B.  L’ordonnance conservatoire

[32]  Une ordonnance conservatoire vise à régir le traitement de documents et de renseignements que les parties ont traités de façon confidentielle et qui peuvent être divulgués ou que celles‑ci peuvent être contraintes de divulguer lors d’un interrogatoire préalable oral ou de la communication de documents. Le fait qu’un document soit désigné comme « confidentiel » en vertu d’une ordonnance conservatoire ne permet pas que le document soit déposé de façon confidentielle à la Cour.

[33]  Il n’existe pas de droit présumé de participation du public au processus de communication préalable ou d’accès aux fruits de la communication préalable qui ne sont pas soumis au tribunal (voir The Sedona Guidelines: Best Practices Addressing Protective Orders, Confidentiality & Public Access in Civil Cases (The Sedona Conference: 2007) ˂www.thesedonaconference.org˃). Il en est ainsi parce que la communication préalable à l’instruction, règle générale, n’a pas lieu en audience publique. Les documents sont inspectés par les avocats ou échangés entre eux à un endroit leur convenant. Dans la grande majorité des instances civiles, les documents échangés entre les parties au cours de la communication préalable sont rarement divulgués, car peu d’affaires se rendent à l’instruction.

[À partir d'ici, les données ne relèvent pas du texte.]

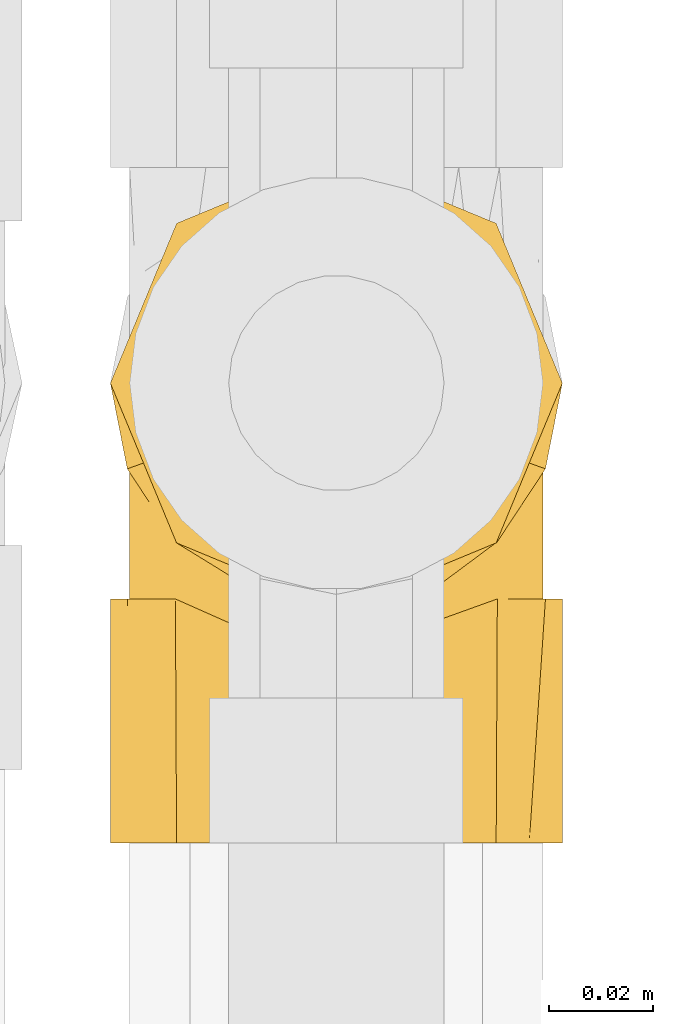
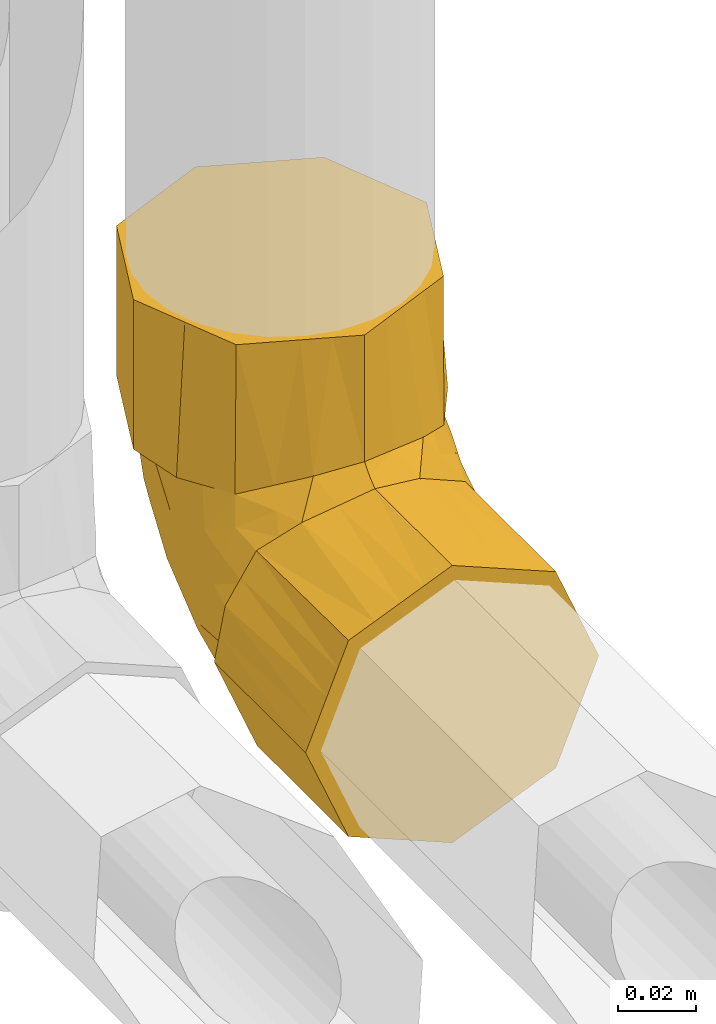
# One storey, part 239 of 652: 1 covering.
"""IFC2X3 building model written with IfcOpenShell, lengths in millimetres."""

from ifc_helpers import new_model, entity, si_unit, converted_unit, direction, frame, origin, place, context, subcontext, project, spatial, faceted_brep, material, type_object, element, save


model = new_model("IFC2X3")

# Units and contexts
model_context = context("Model", 3, precision=0.01, world=frame((0.0, 0.0, 308426.39999999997)), true_north=direction((6.123233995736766e-17, 1.0)))
plan_context = context("Plan", 3, precision=0.01, world=frame((0.0, 0.0, 308426.39999999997)), true_north=direction((6.123233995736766e-17, 1.0)))
body_context = subcontext(model_context, "Body", "Model", "MODEL_VIEW")
ifc_project = project(units=[si_unit("LENGTHUNIT", "METRE", prefix="MILLI"), si_unit("AREAUNIT", "SQUARE_METRE"), si_unit("VOLUMEUNIT", "CUBIC_METRE"), converted_unit("PLANEANGLEUNIT", "DEGREE", entity("IfcPlaneAngleMeasure", 0.017453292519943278), si_unit("PLANEANGLEUNIT", "RADIAN"), dimensions=[0, 0, 0, 0, 0, 0, 0])], contexts=[model_context, plan_context])

# Site, building, storey
site_placement = place(None, origin())
site = spatial("IfcSite", under=ifc_project, at=site_placement, Name="Default", CompositionType="ELEMENT")
building_placement = place(site_placement, origin())
building = spatial("IfcBuilding", under=site, at=building_placement, CompositionType="ELEMENT")
storey_placement = place(building_placement, frame((0.0, 0.0, 1730.6999999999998)))
storey = spatial("IfcBuildingStorey", under=building, at=storey_placement, Name="EG_Produktion_FFB", CompositionType="ELEMENT", Elevation=1730.6999999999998)

# Covering
ifc_material = material(Name="Dämmung - Armaflex-Schlauch")
covering_type = type_object("IfcCoveringType", Name="Rohrdämmung außen:Armaflex-Schlauch", PredefinedType="INSULATION")
covering_placement = place(storey_placement, frame((76935.09072776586, 51549.91060396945, 2355.090727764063)))
element("IfcCovering", 1, at=covering_placement, inside=storey, type_object=covering_type, material=ifc_material, Name="Rohrdämmung außen:Armaflex-Schlauch", ObjectType="Rohrdämmung außen:Armaflex-Schlauch", PredefinedType="INSULATION", context=body_context, shape_type="Brep", body=[
    faceted_brep([(1.5952722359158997, 46.75225000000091, 44.909272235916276), (3.21402764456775, 46.75225000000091, 53.12476995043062), (4.832783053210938, 46.75225000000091, 61.34026766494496), (9.44499511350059, 46.75225000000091, 68.32553208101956), (14.057207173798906, 46.75225000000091, 75.3107964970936), (10.189917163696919, 46.75225000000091, 66.46746776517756), (6.322627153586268, 46.75225000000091, 57.62413903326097), (5.271772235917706, 46.75225000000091, 47.97735876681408), (8.801210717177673, 46.75225000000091, 40.30004078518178), (12.330649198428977, 46.75225000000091, 32.62272280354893), (16.11426416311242, 46.75225000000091, 24.39251412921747), (19.897879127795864, 46.75225000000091, 16.162305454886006), (28.598847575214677, 46.75225000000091, 13.007380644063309), (36.75405990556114, 46.75225000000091, 10.050344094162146), (44.909272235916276, 46.75225000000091, 7.0933075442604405), (52.71980785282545, 46.75225000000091, 10.988087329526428), (60.53034346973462, 46.75225000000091, 14.882867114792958), (68.34087908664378, 46.75225000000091, 18.777646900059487), (76.15141470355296, 46.75225000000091, 22.672426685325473), (79.15888739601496, 46.75225000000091, 31.737423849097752), (81.85282981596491, 46.75225000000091, 39.857391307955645), (84.54677223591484, 46.75225000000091, 47.97735876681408), (83.74827741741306, 46.75225000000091, 51.67763962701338), (82.94978259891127, 46.75225000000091, 55.37792048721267), (81.71182968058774, 46.75225000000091, 61.11468093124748), (80.47387676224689, 46.75225000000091, 66.85144137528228), (75.76133729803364, 46.75225000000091, 75.3107964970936), (80.37354935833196, 46.75225000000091, 68.32553208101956), (84.9857614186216, 46.75225000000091, 61.34026766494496), (86.43872402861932, 46.75225000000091, 53.96620056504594), (88.22327223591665, 46.75225000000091, 44.909272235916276), (84.75898186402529, 46.75225000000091, 36.54573543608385), (81.88008379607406, 46.75225000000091, 29.595460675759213), (78.70848957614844, 46.75225000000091, 21.93855489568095), (75.53689535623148, 46.75225000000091, 14.28164911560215), (67.87998957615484, 46.75225000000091, 11.11005489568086), (60.223083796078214, 46.75225000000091, 7.938460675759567), (53.272807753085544, 46.75225000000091, 5.059562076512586), (44.909272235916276, 46.75225000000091, 1.5952722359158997), (36.54573552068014, 46.75225000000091, 5.0595625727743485), (29.59546067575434, 46.75225000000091, 7.938460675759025), (21.938554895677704, 46.75225000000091, 11.110054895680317), (14.281649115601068, 46.75225000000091, 14.281649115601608), (11.110054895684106, 46.75225000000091, 21.93855489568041), (7.938460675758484, 46.75225000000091, 29.595460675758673), (5.059562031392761, 46.75225000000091, 36.545736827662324), (44.909272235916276, 0.0, 1.5952722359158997), (52.56617801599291, 0.0, 4.766866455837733), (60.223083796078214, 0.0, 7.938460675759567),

[34]  Bien que l’article 151 des Règles prévoie que la Cour peut ordonner que les documents à déposer soient traités comme confidentiels, il n’existe pas de disposition semblable dans les Règles pour le traitement des documents à divulguer au cours de la communication préalable dans le cadre d’une action. La Cour possède toutefois la compétence nécessaire, en vertu de l’article 3 des Règles, ou de l’alinéa 385(1)a) dans le cas des instances à gestion spéciale, pour accorder une ordonnance protégeant les documents prétendument confidentiels dans les cas où un risque de préjudice découlant de leur divulgation a été établi. Tant et aussi longtemps qu’une ordonnance conservatoire n’empiète pas sur la capacité de la Cour de garder son processus judiciaire ouvert au public, aucune raison d’intérêt public ne s’oppose à ce que l’on en accorde une.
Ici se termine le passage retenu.